#### [Data extracted from a collection]

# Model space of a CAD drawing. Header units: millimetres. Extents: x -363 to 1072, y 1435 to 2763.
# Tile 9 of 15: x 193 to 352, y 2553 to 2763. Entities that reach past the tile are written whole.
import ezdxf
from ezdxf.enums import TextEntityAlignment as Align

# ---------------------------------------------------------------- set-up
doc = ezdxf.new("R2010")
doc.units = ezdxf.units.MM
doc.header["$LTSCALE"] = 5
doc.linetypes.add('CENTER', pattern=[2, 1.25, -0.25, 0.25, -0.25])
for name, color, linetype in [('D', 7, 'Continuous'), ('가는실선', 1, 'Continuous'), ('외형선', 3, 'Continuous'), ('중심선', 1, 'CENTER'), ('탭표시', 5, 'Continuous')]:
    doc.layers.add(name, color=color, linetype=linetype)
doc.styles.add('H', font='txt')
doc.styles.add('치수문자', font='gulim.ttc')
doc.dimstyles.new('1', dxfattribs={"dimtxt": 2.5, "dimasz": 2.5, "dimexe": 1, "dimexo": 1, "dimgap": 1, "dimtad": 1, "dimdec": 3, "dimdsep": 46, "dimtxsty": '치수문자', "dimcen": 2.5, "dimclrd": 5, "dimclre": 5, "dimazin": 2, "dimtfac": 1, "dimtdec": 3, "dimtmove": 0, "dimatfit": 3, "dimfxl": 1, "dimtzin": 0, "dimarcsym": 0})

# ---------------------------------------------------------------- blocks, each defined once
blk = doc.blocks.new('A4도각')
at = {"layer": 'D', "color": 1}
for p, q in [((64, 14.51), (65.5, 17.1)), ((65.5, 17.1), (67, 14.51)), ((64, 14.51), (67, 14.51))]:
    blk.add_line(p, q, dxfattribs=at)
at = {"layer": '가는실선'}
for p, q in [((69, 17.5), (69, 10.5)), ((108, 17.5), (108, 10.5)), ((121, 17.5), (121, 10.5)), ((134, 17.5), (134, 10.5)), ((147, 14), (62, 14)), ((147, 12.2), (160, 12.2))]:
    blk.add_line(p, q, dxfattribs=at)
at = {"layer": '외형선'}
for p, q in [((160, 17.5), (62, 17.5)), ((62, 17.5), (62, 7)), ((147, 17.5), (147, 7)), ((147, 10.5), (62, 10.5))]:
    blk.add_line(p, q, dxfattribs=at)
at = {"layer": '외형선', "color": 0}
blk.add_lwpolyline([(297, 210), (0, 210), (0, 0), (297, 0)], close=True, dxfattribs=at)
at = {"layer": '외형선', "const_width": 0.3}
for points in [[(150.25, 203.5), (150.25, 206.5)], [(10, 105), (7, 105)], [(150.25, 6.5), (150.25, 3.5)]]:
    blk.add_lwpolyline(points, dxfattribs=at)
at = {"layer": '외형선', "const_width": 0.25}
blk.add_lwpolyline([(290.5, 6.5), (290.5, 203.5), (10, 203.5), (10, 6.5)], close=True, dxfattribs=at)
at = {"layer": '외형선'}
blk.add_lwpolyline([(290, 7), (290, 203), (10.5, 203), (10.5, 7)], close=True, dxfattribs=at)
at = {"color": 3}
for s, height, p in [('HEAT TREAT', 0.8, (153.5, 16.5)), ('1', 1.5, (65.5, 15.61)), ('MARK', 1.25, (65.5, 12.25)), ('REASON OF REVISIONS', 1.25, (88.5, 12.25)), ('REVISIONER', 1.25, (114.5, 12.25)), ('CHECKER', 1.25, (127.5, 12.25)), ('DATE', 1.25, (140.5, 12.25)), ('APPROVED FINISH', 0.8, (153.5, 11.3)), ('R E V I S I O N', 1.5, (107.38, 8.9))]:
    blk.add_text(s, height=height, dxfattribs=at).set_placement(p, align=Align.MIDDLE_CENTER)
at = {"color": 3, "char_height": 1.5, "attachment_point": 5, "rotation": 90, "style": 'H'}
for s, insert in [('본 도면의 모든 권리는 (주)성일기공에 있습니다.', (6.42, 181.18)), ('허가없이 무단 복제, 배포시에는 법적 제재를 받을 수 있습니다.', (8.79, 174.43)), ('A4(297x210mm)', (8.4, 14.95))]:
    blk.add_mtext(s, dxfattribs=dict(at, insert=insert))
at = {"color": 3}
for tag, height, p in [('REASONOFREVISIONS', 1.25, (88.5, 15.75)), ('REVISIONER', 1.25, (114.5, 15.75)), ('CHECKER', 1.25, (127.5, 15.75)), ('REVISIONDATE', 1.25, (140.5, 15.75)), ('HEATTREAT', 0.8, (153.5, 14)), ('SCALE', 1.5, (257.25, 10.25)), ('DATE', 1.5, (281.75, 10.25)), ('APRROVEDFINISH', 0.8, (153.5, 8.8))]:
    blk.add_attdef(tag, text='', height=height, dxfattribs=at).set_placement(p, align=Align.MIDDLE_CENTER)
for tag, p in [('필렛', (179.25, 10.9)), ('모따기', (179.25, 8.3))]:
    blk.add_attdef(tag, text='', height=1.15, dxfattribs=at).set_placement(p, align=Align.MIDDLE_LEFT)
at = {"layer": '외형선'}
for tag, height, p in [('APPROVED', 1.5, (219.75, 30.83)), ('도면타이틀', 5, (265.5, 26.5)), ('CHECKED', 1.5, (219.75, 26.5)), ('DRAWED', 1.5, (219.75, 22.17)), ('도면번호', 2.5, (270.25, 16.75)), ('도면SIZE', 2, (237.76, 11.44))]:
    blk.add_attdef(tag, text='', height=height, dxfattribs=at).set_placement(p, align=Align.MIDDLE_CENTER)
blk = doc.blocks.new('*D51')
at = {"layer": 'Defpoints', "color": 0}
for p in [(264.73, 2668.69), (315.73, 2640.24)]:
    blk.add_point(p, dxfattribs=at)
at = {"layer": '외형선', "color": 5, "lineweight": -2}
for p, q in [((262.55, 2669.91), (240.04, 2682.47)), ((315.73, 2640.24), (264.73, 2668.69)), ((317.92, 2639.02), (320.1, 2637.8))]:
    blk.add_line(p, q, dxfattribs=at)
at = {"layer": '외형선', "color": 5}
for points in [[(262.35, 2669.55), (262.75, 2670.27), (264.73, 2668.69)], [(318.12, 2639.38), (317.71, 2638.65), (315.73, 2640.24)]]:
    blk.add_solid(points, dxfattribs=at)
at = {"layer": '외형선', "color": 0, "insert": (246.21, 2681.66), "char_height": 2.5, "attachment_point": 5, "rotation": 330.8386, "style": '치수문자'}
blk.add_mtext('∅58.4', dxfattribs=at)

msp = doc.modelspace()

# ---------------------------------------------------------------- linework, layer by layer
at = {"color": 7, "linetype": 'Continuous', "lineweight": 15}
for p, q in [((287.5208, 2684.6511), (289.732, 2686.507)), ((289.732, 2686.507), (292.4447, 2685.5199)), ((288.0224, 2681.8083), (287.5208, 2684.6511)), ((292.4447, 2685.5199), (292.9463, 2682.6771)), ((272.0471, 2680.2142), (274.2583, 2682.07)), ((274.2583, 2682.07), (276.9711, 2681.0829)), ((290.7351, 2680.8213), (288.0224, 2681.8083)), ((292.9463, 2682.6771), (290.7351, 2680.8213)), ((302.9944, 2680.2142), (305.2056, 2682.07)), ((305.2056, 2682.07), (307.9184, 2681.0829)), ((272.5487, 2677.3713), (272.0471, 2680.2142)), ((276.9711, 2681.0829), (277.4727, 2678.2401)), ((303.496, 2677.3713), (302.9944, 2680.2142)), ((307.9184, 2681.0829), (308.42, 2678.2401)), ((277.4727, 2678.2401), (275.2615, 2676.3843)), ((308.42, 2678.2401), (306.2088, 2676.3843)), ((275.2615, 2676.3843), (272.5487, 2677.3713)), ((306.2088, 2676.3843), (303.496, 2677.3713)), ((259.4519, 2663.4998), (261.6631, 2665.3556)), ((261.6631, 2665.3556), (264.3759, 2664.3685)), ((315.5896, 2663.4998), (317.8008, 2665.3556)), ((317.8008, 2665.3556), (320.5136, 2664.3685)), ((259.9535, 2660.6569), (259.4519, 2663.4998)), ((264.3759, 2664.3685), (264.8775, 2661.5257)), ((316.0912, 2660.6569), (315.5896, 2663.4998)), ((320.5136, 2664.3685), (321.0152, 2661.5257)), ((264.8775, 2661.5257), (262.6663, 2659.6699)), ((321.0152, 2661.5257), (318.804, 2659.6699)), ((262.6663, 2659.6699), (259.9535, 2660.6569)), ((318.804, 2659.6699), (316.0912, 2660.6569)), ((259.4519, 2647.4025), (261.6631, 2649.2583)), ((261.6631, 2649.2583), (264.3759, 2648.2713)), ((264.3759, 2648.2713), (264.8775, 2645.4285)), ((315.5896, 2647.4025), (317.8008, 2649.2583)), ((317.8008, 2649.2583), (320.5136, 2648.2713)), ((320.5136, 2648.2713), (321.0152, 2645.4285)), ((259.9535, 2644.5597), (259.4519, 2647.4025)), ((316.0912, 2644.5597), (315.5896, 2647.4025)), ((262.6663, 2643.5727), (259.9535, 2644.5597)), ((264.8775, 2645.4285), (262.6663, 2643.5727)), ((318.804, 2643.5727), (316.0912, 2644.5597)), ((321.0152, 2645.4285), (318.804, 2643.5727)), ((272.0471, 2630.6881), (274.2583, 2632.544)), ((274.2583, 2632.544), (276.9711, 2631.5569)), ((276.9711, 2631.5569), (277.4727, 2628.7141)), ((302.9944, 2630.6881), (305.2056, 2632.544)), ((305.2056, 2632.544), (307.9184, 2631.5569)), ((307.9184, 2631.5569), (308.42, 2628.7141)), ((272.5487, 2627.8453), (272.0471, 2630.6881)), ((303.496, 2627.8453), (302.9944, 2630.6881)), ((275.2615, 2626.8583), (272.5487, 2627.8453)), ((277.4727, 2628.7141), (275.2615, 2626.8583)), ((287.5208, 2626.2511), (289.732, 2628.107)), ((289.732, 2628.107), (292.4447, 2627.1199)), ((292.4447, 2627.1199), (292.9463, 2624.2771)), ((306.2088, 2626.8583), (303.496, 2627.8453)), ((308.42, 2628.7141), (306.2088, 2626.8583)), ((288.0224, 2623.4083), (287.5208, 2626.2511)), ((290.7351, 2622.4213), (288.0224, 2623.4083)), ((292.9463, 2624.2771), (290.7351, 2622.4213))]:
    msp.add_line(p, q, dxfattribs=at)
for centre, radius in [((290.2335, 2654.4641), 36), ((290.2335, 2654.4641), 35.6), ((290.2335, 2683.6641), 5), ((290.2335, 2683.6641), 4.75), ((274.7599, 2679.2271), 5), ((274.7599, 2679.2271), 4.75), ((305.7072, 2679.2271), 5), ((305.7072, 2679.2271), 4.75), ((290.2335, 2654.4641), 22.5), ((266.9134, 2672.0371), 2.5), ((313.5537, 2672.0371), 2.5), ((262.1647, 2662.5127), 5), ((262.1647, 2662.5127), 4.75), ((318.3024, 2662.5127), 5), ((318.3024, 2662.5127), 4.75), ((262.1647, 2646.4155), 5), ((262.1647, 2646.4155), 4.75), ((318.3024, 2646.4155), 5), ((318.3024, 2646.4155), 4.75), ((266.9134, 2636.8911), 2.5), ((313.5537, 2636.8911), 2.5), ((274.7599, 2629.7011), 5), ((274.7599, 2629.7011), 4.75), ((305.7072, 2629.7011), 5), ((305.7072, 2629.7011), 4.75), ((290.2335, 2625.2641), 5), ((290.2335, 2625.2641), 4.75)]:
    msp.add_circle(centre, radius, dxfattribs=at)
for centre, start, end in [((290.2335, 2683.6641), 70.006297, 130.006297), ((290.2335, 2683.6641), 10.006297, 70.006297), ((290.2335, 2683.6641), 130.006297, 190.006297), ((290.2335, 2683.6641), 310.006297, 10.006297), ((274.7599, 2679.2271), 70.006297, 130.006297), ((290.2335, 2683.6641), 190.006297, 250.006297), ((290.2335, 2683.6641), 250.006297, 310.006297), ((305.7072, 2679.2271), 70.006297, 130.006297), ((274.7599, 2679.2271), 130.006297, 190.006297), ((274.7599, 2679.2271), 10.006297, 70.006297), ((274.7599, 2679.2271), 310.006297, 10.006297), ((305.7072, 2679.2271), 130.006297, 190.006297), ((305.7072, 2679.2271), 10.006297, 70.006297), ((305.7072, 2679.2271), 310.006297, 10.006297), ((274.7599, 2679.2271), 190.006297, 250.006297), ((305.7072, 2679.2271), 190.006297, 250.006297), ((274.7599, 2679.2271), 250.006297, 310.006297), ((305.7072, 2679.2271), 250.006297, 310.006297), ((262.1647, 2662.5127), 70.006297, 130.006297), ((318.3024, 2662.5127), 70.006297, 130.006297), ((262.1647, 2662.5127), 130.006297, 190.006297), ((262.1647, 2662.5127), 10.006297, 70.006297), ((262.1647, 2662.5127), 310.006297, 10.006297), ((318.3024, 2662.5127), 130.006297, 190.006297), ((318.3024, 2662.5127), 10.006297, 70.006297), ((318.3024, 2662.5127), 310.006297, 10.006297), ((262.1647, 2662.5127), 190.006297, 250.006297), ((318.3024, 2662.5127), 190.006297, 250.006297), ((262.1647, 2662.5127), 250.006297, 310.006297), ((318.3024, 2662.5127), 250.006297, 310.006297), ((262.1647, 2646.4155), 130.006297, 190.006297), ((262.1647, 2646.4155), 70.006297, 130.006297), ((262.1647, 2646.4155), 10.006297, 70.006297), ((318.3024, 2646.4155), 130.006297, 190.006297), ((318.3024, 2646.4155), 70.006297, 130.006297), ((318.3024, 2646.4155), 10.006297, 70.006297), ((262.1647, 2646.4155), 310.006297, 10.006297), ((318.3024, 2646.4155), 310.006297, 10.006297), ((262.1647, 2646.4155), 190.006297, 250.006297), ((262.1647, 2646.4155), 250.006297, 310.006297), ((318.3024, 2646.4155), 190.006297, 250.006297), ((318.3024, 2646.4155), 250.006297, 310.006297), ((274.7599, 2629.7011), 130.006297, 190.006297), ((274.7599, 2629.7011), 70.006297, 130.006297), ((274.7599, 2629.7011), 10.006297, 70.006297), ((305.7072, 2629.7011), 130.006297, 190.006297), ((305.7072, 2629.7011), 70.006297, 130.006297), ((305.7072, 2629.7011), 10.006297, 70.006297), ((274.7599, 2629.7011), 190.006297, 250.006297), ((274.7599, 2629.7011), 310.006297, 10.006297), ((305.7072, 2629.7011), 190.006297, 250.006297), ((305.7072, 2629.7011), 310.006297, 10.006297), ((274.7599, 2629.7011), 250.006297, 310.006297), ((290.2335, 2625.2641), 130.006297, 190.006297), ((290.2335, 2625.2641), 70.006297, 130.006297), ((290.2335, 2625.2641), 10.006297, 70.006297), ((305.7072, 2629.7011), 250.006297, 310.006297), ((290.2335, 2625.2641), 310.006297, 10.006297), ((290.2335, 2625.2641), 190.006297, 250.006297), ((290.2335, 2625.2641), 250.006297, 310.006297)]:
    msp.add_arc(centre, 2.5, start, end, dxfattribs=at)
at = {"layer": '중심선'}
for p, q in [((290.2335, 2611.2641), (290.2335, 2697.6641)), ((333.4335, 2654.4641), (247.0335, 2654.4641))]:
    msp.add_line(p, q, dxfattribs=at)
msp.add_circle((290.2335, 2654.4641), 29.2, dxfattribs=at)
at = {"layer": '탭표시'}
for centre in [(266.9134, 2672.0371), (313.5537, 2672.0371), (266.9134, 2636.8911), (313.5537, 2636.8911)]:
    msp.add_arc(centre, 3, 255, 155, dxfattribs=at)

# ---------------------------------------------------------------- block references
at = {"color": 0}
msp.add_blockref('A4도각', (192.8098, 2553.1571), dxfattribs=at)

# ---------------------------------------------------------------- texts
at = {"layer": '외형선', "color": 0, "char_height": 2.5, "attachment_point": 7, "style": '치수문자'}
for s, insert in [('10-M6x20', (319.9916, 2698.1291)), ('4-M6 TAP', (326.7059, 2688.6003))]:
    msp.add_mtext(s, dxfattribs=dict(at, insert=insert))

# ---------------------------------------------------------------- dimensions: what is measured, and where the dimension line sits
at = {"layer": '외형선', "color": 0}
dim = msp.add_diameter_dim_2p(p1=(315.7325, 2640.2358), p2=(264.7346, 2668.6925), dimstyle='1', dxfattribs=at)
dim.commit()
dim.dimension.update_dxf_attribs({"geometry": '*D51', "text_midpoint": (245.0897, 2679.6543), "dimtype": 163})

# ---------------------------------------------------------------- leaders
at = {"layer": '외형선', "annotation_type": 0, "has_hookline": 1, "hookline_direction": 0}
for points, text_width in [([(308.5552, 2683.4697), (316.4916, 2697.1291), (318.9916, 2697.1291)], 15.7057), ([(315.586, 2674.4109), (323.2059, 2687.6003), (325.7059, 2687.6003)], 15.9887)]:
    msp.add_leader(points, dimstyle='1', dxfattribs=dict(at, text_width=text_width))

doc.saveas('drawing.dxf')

#### [Task objective]
Scan the records above for the word "dict" and return every line where it occurs.

#### [Response below]
    blk.add_mtext(s, dxfattribs=dict(at, insert=insert))
    msp.add_mtext(s, dxfattribs=dict(at, insert=insert))
    msp.add_leader(points, dimstyle='1', dxfattribs=dict(at, text_width=text_width))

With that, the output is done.